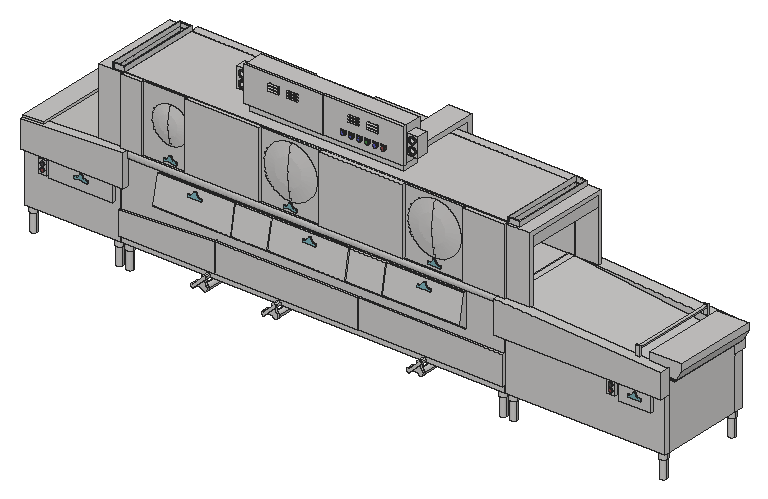
Revit family
Parameters (values of type "480/60/3")
  Weight in Pounds = 0
  Waste Water Discharge Temperature [instance] = -459.67 °F
  Volts = 480 V
  Ventilation Remarks [instance] = ""
  Unload Ventilation Remarks [instance] = ""
  Unload Section Width [instance] = if(Custom Unload Width > 5' 0", Custom Unload Width, 5' 0")  # 5' - 0"
  Unload Removable Cover [instance] = yes
  Unload Exhaust Volume = 1000 CFM
  Unload Exhaust Vent Width = 0' - 4"
  Unload Exhaust Vent Depth = 2' - 7 1/4"
  Unload Exhaust Static Press [instance] = 0.00 in-wg
  Unload Exhaust RI Height [instance] = 0' - 0"
  Unload Exhaust Item Number [instance] = "-"
  Unload End Drain [instance] = no
  URL Cutsheet = ""
  URL = "www.stero.com"
  Swing Doors [instance] = no
  Steam Supply Volume [instance] = 0.00 GPM
  Steam Supply Size = 2"
  Steam Supply RI Height [instance] = 0' - 0"
  Steam Supply Minimum Pressure = 15.00 psi
  Steam Supply Maximum Pressure = 40.00 psi
  Steam Supply Connection Height = 0' - 6"
  Steam Pounds per Hour [instance] = if(Booster Heater, 320, 170)  # 170
  Status [instance] = ""
  Standard Doors [instance] = not(Swing Doors)  # yes
  Specification by User [instance] = ""
  Specification by Manufacturer [instance] = ""
  Serial Number [instance] = ""
  Seismic Rating [instance] = ""
  Revision Code [instance] = ""
  Power Wash Width = 4' - 6"
  Power Wash Door [instance] = if(Swing Doors, 3' 0", 1' 10 1/2")  # 1' - 10 1/2"
  Power Scrapper Width = 3' - 0"
  Power Scrapper Door [instance] = if(Swing Doors, 2' 0", 1' 4 1/4")  # 1' - 4 1/4"
  Power Rinse Door [instance] = if(Swing Doors, 3' 0", 1' 10 1/2")  # 1' - 10 1/2"
  Plumbing Remarks [instance] = ""
  Plumbing Connection Type [instance] = ""
  Phase = 3
  ONOFF Switch [instance] = if([30 inch Load], 0' 0", 0' 6")  # 0' - 6"
  Number of Poles [instance] = 3
  No Booster Heater [instance] = not(Booster Heater)  # yes
  NAFEM Spec ID Number [instance] = ""
  Model = "STPCW-ER 144S"
  Mechanical Remarks [instance] = ""
  Mechanical Connection Type [instance] = ""
  Masterspec [instance] = ""
  Manufacturer = "Stero"
  Load Section Width [instance] = if([30 inch Load], 2' 6 1/8", if([36 inch Load], 3' 0 1/8", if([48 inch Load], 4' 0 1/8", (Custom Load Width + 0' 0 1/8"))))  # 3' - 0 1/8"
  Load End Drain [instance] = not(Unload End Drain)  # yes
  Item Number [instance] = "-"
  Installed By [instance] = ""
  Indirect Waste Size = 2"
  Indirect Waste Flow [instance] = 0.00 GPM
  Indirect Waste Connection Type [instance] = ""
  Indirect Waste Connection Height = 0' - 7"
  Hot Water Temperature = 140 °F
  Hot Water Size = 1"
  Hot Water RI Height [instance] = 0' - 0"
  Hot Water Minimum Pressure = 20.00 psi
  Hot Water Maximum Pressure = 20.00 psi
  Hot Water Flow [instance] = 0.00 GPM
  Hot Water Consumption = 1.63 GPM
  Hot Water Connection Height = 0' - 6"
  HP = "8"
  Furnished By [instance] = ""
  Foodservice Equipment Identifier [instance] = yes
  Final Rinse Width = 4' - 6"
  FL Amps = 15.9 A
  Exhaust Volume = 500 CFM
  Exhaust Vent Width = 0' - 4"
  Exhaust Vent Depth = 2' - 7 1/4"
  Exhaust Static Press [instance] = 0.00 in-wg
  Exhaust RI Height [instance] = 0' - 0"
  Electrical Remarks [instance] = ""
  Electric Connection Type [instance] = ""
  Elec Conn RI Height [instance] = 0' - 0"
  Elec Conn Connection Height = 6' - 6"
  Description = "Flight Type Dishwasher"
  Depth = 3' - 6"
  Cycle = 60 Hz
  Custom Unload Width [instance] = 5' - 0"
  Custom Load Width [instance] = 4' - 6"
  Conn Conduit = yes
  Condensate Return Size = 3/4"
  Condensate Return RI Height [instance] = 0' - 0"
  Condensate Return Connection Height = 0' - 6"
  Cold Water Temperature Recommended [instance] = -459.67 °F
  Cold Water Size [instance] = if(Cold Water Aqua Stat, 0' 0 3/4", 0' 0")  # 0"
  Cold Water RI Height [instance] = 0' - 0"
  Cold Water Minimum Pressure [instance] = 0.00 psi
  Cold Water Maximum Pressure [instance] = 0.00 psi
  Cold Water Flow [instance] = 0.00 GPM
  Cold Water Consumption [instance] = ""
  Cold Water Connection Height [instance] = if(Cold Water Aqua Stat, 0' 6", 0' 0")  # 0' - 0"
  Cold Water Aqua Stat [instance] = no
  CSI MasterFormat = "11 48 13"
  Booster Heater [instance] = no
  Boosted Plumbing Remarks [instance] = ""
  Boosted Hot Water Temperature = 180 °F
  Boosted Hot Water Size = 3/4"
  Boosted Hot Water RI Height [instance] = 0' - 0"
  Boosted Hot Water Minimum Pressure = 20.00 psi
  Boosted Hot Water Maximum Pressure = 20.00 psi
  Boosted Hot Water Flow [instance] = 0.00 GPM
  Boosted Hot Water Consumption = 1.63 GPM
  Boosted Hot Water Connection Height = 0' - 6"
  Boosted HW Item Number [instance] = "-"
  Assembly Code = "E1090320"
  Apparent Power = if(Phase = 3, Volts * FL Amps * 1.73, Volts * FL Amps)  # 13203.4 VA
  48 inch Load [instance] = no
  36 inch Load [instance] = yes
  30 inch Load [instance] = no
Reference planes (in)
  plane 1 "BACK": y = 0
  plane 2: z = 0
  plane 3 "LEFT": x = -21.27862
  plane 4 "RIGHT": x = 122.72138
  plane 5 "FRONT": y = -42
  plane 6 "Right of Power Scrapper": x = 14.72138
  plane 7 "Right of Power Wash": x = 68.72138
  plane 8 "Load Vent": x = -30.27862
  plane 9 "Unload Vent": x = 131.72138
  plane 10 "Top of Machine": z = 65.5
  plane 11 "Table Height": z = 34
  plane 12 "Bottom of Machine": z = 9
  plane 13 "Middle of Machine": z = 40.625
  plane 14 "Left of Bottom": x = -18.77862
  plane 15 "Right of Bottom": x = 120.22138
  plane 16: z = 38.125
  plane 17: z = 37.75
  plane 18: z = 24.5
  plane 19: z = 22.25
  plane 20: z = 11.5
  plane 21 "Back of Main Body": y = -3
  plane 22 "Front of Main Body": y = -39
  plane 23: x = -3.27862
  plane 24: x = 41.72138
  plane 25: x = 95.72138
  plane 26: x = -13.52862
  plane 27: x = 2.72138
  plane 28: x = 30.47138
  plane 29: x = 52.97138
  plane 30: x = 84.47138
  plane 31: x = 106.97138
  plane 32 "Front of Inside": y = -37.25
  plane 33 "Back of Inside": y = -6
  plane 34: x = 23.22138
  plane 35: x = 45.72138
  plane 36: x = -6.77862
  plane 37: x = 22.22138
  plane 38: x = 36.22138
  plane 39: x = 65.22138
  plane 40: x = 35.97138
  plane 41: x = 65.47138
  plane 42: x = 14.59638
  plane 43: x = 14.84638
  plane 44: x = 68.59638
  plane 45: x = 68.84638
  plane 46: z = 60.25
  plane 47: z = 67.25
  plane 48: x = -21.40362
  plane 49: x = -25.40362
  plane 50: x = 126.84638
  plane 51: x = 122.84638
  plane 52: x = -57.40362
  plane 53: x = -59.90362
  plane 54: x = -58.40362
  plane 55: x = -49.40362
  plane 56: z = 28.5
  plane 57: z = 28
  plane 58: z = 22
  plane 59: x = -47.40362
  plane 60: x = -23.40362
  plane 61: x = -48.40362
  plane 62: x = -51.40362
  plane 63: x = 182.72138
  plane 64: x = 183.72138
  plane 65: x = 185.22138
  plane 66: x = 187.72138
  plane 67: x = 175.72138
  plane 68: x = 171.72138
  plane 69: x = 178.22138
  plane 70: x = 166.22138
  plane 71: x = 164.72138
  plane 72: x = 161.72138
  plane 73: y = -32.5
  plane 74: y = -26.5
  plane 75: x = 21.72138
  plane 76: x = 79.72138
  plane 77: z = 68.5
  plane 78: z = 71.375
  plane 79: z = 78.625
  plane 80: z = 81.5
  plane 81: x = 50.72138
  plane 82: x = 50.59638
  plane 83: x = 50.84638
  plane 84: x = 20.72138
  plane 85: x = 80.72138
  plane 86: x = 84.72138
  plane 87: x = 16.72138
  plane 88 "Back of Elec Box": y = -26
  plane 89: y = -33
  plane 90 "Front of Panel": y = -34
  plane 91: z = 68.25
  plane 92: z = 81.25
  plane 93: x = 20.97138
  plane 94 "Right of Control Box": x = 80.47138
  plane 95 "Front of LR Panels": y = -32.25
  plane 96: y = -28.25
  plane 97 "Drain": z = 7
  plane 98 "Left Drain": x = -39.90362
  plane 99 "Right Drain": x = 175.72138
  plane 100 "Drain CL": y = -20.25
  plane 101 "Utilities": z = 6
  plane 102 "Cold Water": x = -31.27862
  plane 103 "Utility to Machine": y = -16.75
  plane 104 "Utilities Point of Connection": y = -8.5
  plane 105 "Building Hot Water": x = 158.72138
  plane 106: x = -13.27862
  plane 107: x = 2.59638
  plane 108: x = 1.28388
  plane 109: x = 30.72138
  plane 110: x = 41.65888
  plane 111: x = 41.78388
  plane 112: x = 52.72138
  plane 113: x = 43.15888
  plane 114: x = 40.28388
  plane 115: x = 84.72138
  plane 116: x = 95.65888
  plane 117: x = 95.78388
  plane 118: x = 106.72138
  plane 119: x = 97.15888
  plane 120: x = 94.28388
  plane 121 "Standard Door Clearance": z = 93.5
  plane 122: x = 146.72138
  plane 123: x = 22.47138
  plane 124: x = 79.22138
  plane 125: x = 78.97138
  plane 126: x = 108.22138
  plane 127: x = 152.72138
Forms (in)
  Extrusion 1, solid, material "QF_Finishes_Stainless Steel"
    sketch origin (0, -39, 0) x (1, 0, 0) y (0, 0, 1)
      loop
        line (-21.27862, 9) -> (122.72138, 9) -> (122.72138, 28.5) -> (120.22138, 28.5) -> (120.22138, 38.125) -> (-18.77862, 38.125) -> (-18.77862, 28.5) -> (-21.27862, 28.5) -> (-21.27862, 9)
    from 0 to -36
  Extrusion 2, solid, material "QF_Finishes_Stainless Steel"
    sketch origin (-18.77862, 0, 0) x (0, 1, 0) y (0, 0, 1)
      loop
        line (-3, 40.625) -> (-39, 40.625)
        arc (-39, 40.625) -> (-39.43875, 39.375) -> (-39, 38.125) r 2
        line (-39, 38.125) -> (-3, 38.125) -> (-3, 40.625)
    from 0 to 139
  Extrusion 3, solid, material "QF_Finishes_Stainless Steel"
    sketch origin (0, 0, 65.5) x (0, 1, 0) y (-1, 0, 0)
      loop
        line (-37.25, 21.27862) -> (-39, 21.27862) -> (-39, 13.52862) -> (-37.25, 13.52862) -> (-37.25, 21.27862)
    from 0 to -24.875
  Extrusion 4, solid, material "QF_Finishes_Stainless Steel"
    sketch origin (0, 0, 65.5) x (0, 1, 0) y (-1, 0, 0)
      loop
        line (-37.25, -2.72138) -> (-39, -2.72138) -> (-39, -30.47138) -> (-37.25, -30.47138) -> (-37.25, -2.72138)
    from 0 to -24.875
  Extrusion 5, solid, material "QF_Finishes_Stainless Steel"
    sketch origin (0, 0, 65.5) x (0, 1, 0) y (-1, 0, 0)
      loop
        line (-37.25, -52.97138) -> (-39, -52.97138) -> (-39, -84.47138) -> (-37.25, -84.47138) -> (-37.25, -52.97138)
    from 0 to -24.875
  Extrusion 6, solid, material "QF_Finishes_Stainless Steel"
    sketch origin (0, 0, 65.5) x (0, 1, 0) y (-1, 0, 0)
      loop
        line (-37.25, -106.97138) -> (-39, -106.97138) -> (-39, -122.72138) -> (-37.25, -122.72138) -> (-37.25, -106.97138)
    from 0 to -24.875
  Extrusion 7, solid, material "QF_Finishes_Stainless Steel"
    sketch origin (0, 0, 65.5) x (0, 1, 0) y (-1, 0, 0)
      loop
        line (-3, 21.27862) -> (-6, 21.27862) -> (-6, -23.22138) -> (-3, -23.22138) -> (-3, 21.27862)
    from 0 to -24.875
  Extrusion 8, solid, material "QF_Finishes_Stainless Steel"
    sketch origin (0, 0, 65.5) x (0, 1, 0) y (-1, 0, 0)
      loop
        line (-3, -45.72138) -> (-6, -45.72138) -> (-6, -122.72138) -> (-3, -122.72138) -> (-3, -45.72138)
    from 0 to -24.875
  Extrusion 9, solid, material "QF_Finishes_Stainless Steel"
    sketch origin (0, 0, 65.5) x (0, 1, 0) y (-1, 0, 0)
      loop
        line (-37.25, 13.52862) -> (-38.25, 13.52862) -> (-38.25, -2.72138) -> (-37.25, -2.72138) -> (-37.25, 13.52862)
    from 0 to -24.875
  Extrusion 10, solid, material "QF_Finishes_Stainless Steel"
    sketch origin (0, 0, 65.5) x (0, 1, 0) y (-1, 0, 0)
      loop
        line (-37.25, -30.47138) -> (-38.25, -30.47138) -> (-38.25, -52.97138) -> (-37.25, -52.97138) -> (-37.25, -30.47138)
    from 0 to -24.875
  Extrusion 11, solid, material "QF_Finishes_Stainless Steel"
    sketch origin (0, 0, 65.5) x (0, 1, 0) y (-1, 0, 0)
      loop
        line (-37.25, -84.47138) -> (-38.25, -84.47138) -> (-38.25, -106.97138) -> (-37.25, -106.97138) -> (-37.25, -84.47138)
    from 0 to -24.875
  Extrusion 12, solid, material "QF_Finishes_Stainless Steel"
    sketch origin (0, 0, 65.5) x (0, 1, 0) y (-1, 0, 0)
      loop
        line (-4, -23.22138) -> (-6, -23.22138) -> (-6, -45.72138) -> (-4, -45.72138) -> (-4, -23.22138)
    from 0 to -24.875
  Revolve 13, solid, material "QF_Finishes_Stainless Steel", visible <- "Standard Doors"
    sketch origin (41.72138, 87.64484, 48) x (0, 1, 0) y (0, 0, 1)
      loop
        line (-125.89484, 6.49826) -> (-125.89484, 16.49826)
        arc (-125.89484, 16.49826) -> (-126.65727, 11.52451) -> (-126.89484, 6.49826) r 48
        line (-126.89484, 6.49826) -> (-125.89484, 6.49826)
      axis (-125.89484, 6.49826) -> (-126.89484, 6.49826)
    angle from 0 to 360
  Revolve 14, solid, material "QF_Finishes_Stainless Steel", visible <- "Standard Doors"
    sketch origin (95.72138, 53.39484, 48) x (0, 1, 0) y (0, 0, 1)
      loop
        line (-91.64484, 6.49826) -> (-91.64484, 16.49826)
        arc (-91.64484, 16.49826) -> (-92.40727, 11.52451) -> (-92.64484, 6.49826) r 48
        line (-92.64484, 6.49826) -> (-91.64484, 6.49826)
      axis (-91.64484, 6.49826) -> (-92.64484, 6.49826)
    angle from 0 to 360
  Extrusion 15, solid, material "QF_Finishes_Light Blue", visible <- "Standard Doors"
    sketch origin (32.39366, -38.75, 10.99826) x (-1, 0, 0) y (0, 0, 1)
      loop
        line (-62.71645, 30.65632) -> (-61.08461, 30.57309)
        arc (-61.08461, 30.57309) -> (-60.90443, 30.64773) -> (-60.82979, 30.82792) r 0.25483
        line (-60.82979, 30.82792) -> (-60.82979, 31.31285)
        arc (-60.82979, 31.31285) -> (-60.90343, 31.49062) -> (-61.08121, 31.56426) r 0.25142
        arc (-61.08121, 31.56426) -> (-62.22593, 31.7803) -> (-62.90311, 32.72819) r 1.56264
        arc (-62.90311, 32.72819) -> (-63.31726, 33.06213) -> (-63.74741, 32.74907) r 0.43733
        arc (-63.74741, 32.74907) -> (-64.42049, 31.78611) -> (-65.57423, 31.56426) r 1.56264
        arc (-65.57423, 31.56426) -> (-65.75201, 31.49062) -> (-65.82565, 31.31285) r 0.25142
        line (-65.82565, 31.31285) -> (-65.82565, 30.82792)
        arc (-65.82565, 30.82792) -> (-65.75101, 30.64773) -> (-65.57082, 30.57309) r 0.25483
        line (-65.57082, 30.57309) -> (-63.93898, 30.65632)
        arc (-63.93898, 30.65632) -> (-63.32772, 30.6719) -> (-62.71645, 30.65632) r 12
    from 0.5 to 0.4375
+ + + + + + +
Please give back exactly the lines of this listing beginning at the line with "plane 19: z = 22.25" and ending with the line with "x = 80.47138", both included, and nothing else.

  plane 19: z = 22.25
  plane 20: z = 11.5
  plane 21 "Back of Main Body": y = -3
  plane 22 "Front of Main Body": y = -39
  plane 23: x = -3.27862
  plane 24: x = 41.72138
  plane 25: x = 95.72138
  plane 26: x = -13.52862
  plane 27: x = 2.72138
  plane 28: x = 30.47138
  plane 29: x = 52.97138
  plane 30: x = 84.47138
  plane 31: x = 106.97138
  plane 32 "Front of Inside": y = -37.25
  plane 33 "Back of Inside": y = -6
  plane 34: x = 23.22138
  plane 35: x = 45.72138
  plane 36: x = -6.77862
  plane 37: x = 22.22138
  plane 38: x = 36.22138
  plane 39: x = 65.22138
  plane 40: x = 35.97138
  plane 41: x = 65.47138
  plane 42: x = 14.59638
  plane 43: x = 14.84638
  plane 44: x = 68.59638
  plane 45: x = 68.84638
  plane 46: z = 60.25
  plane 47: z = 67.25
  plane 48: x = -21.40362
  plane 49: x = -25.40362
  plane 50: x = 126.84638
  plane 51: x = 122.84638
  plane 52: x = -57.40362
  plane 53: x = -59.90362
  plane 54: x = -58.40362
  plane 55: x = -49.40362
  plane 56: z = 28.5
  plane 57: z = 28
  plane 58: z = 22
  plane 59: x = -47.40362
  plane 60: x = -23.40362
  plane 61: x = -48.40362
  plane 62: x = -51.40362
  plane 63: x = 182.72138
  plane 64: x = 183.72138
  plane 65: x = 185.22138
  plane 66: x = 187.72138
  plane 67: x = 175.72138
  plane 68: x = 171.72138
  plane 69: x = 178.22138
  plane 70: x = 166.22138
  plane 71: x = 164.72138
  plane 72: x = 161.72138
  plane 73: y = -32.5
  plane 74: y = -26.5
  plane 75: x = 21.72138
  plane 76: x = 79.72138
  plane 77: z = 68.5
  plane 78: z = 71.375
  plane 79: z = 78.625
  plane 80: z = 81.5
  plane 81: x = 50.72138
  plane 82: x = 50.59638
  plane 83: x = 50.84638
  plane 84: x = 20.72138
  plane 85: x = 80.72138
  plane 86: x = 84.72138
  plane 87: x = 16.72138
  plane 88 "Back of Elec Box": y = -26
  plane 89: y = -33
  plane 90 "Front of Panel": y = -34
  plane 91: z = 68.25
  plane 92: z = 81.25
  plane 93: x = 20.97138
  plane 94 "Right of Control Box": x = 80.47138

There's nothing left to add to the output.